OBJECTIVE: The purpose of this systematic review was to assess the difference in the incidence of intraoperative and postoperative complications between the conventional and alternative surgical techniques, during sinus floor augmentation surgery.

DATA SOURCES: Electronic databases were searched for publications related to sinus floor augmentation surgery performed with different techniques (ie, conventional lateral window, piezosurgery, osteotome, trephine) and the incidence of complications. The articles were evaluated by independent reviewers, according to predetermined inclusion/exclusion criteria and processed for meta-analysis, following the PRISMA protocol. Initial search returned 3,940 articles, after inclusion/exclusion criteria, and quality assessment 11 articles were included in the meta-analysis: five randomized clinical trials and six retrospective studies.
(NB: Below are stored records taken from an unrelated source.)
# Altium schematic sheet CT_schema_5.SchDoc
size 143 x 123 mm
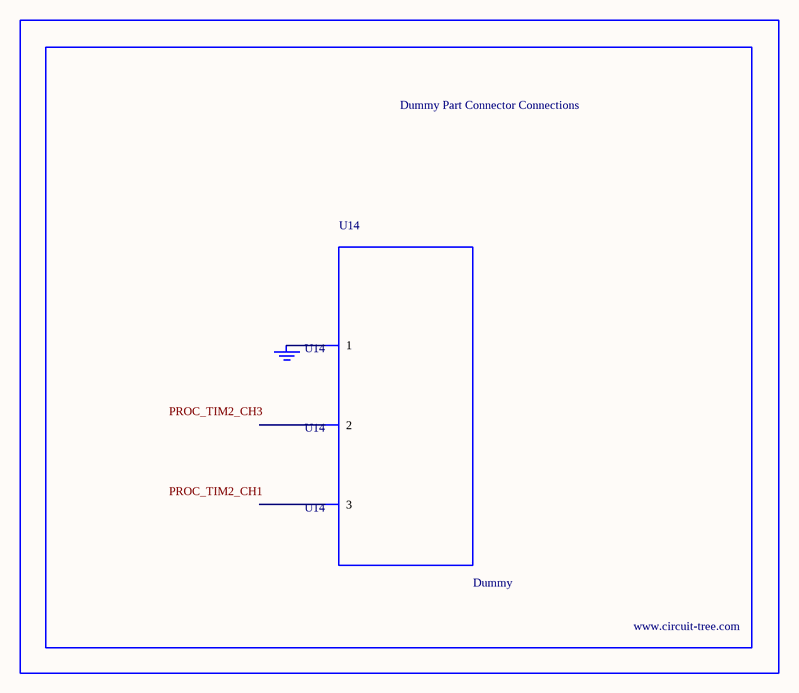
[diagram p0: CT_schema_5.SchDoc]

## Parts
BORDER4  (no value)
GND_INSTANCE_4_0  (no value)
U14  Dummy  [DUMMY_PACKAGE_125]

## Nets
NetGND_INSTANCE_4_0_0: GND_INSTANCE_4_0.0(GND) U14.1

Not connected (* = marked no-connect by the designer): U14 2 3

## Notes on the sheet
- Labels drawn without touching a wire or pin: PROC_TIM2_CH1, PROC_TIM2_CH3

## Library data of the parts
BORDER4 = BORDER_PAGE4
GND_INSTANCE_4_0 = GND

All the 11 included studies compared the incidence of complications in conventional lateral window sinus augmentation surgery versus alternative techniques, including: osteotome (five articles), piezosurgery (four articles), sonic surgery (one article), and trephine (one article). Meta-analysis of the incidence of intraoperative and postoperative complications during conventional lateral window sinus floor augmentation surgery versus alternative techniques, showed a significantly lower incidence of intraoperative complications for the retrospective studies. However, when data from the clinical trials alone were included in the meta-analysis, a statistically significant difference could not be detected for the incidence of intraoperative and postoperative complications.

CONCLUSIONS: The use of alternative techniques for sinus floor augmentation surgery (ie, piezosurgery, sonic surgery, osteotome, and trephine) does not necessarily reduce the incidence of intraoperative and/or postoperative complications compared to the conventional technique.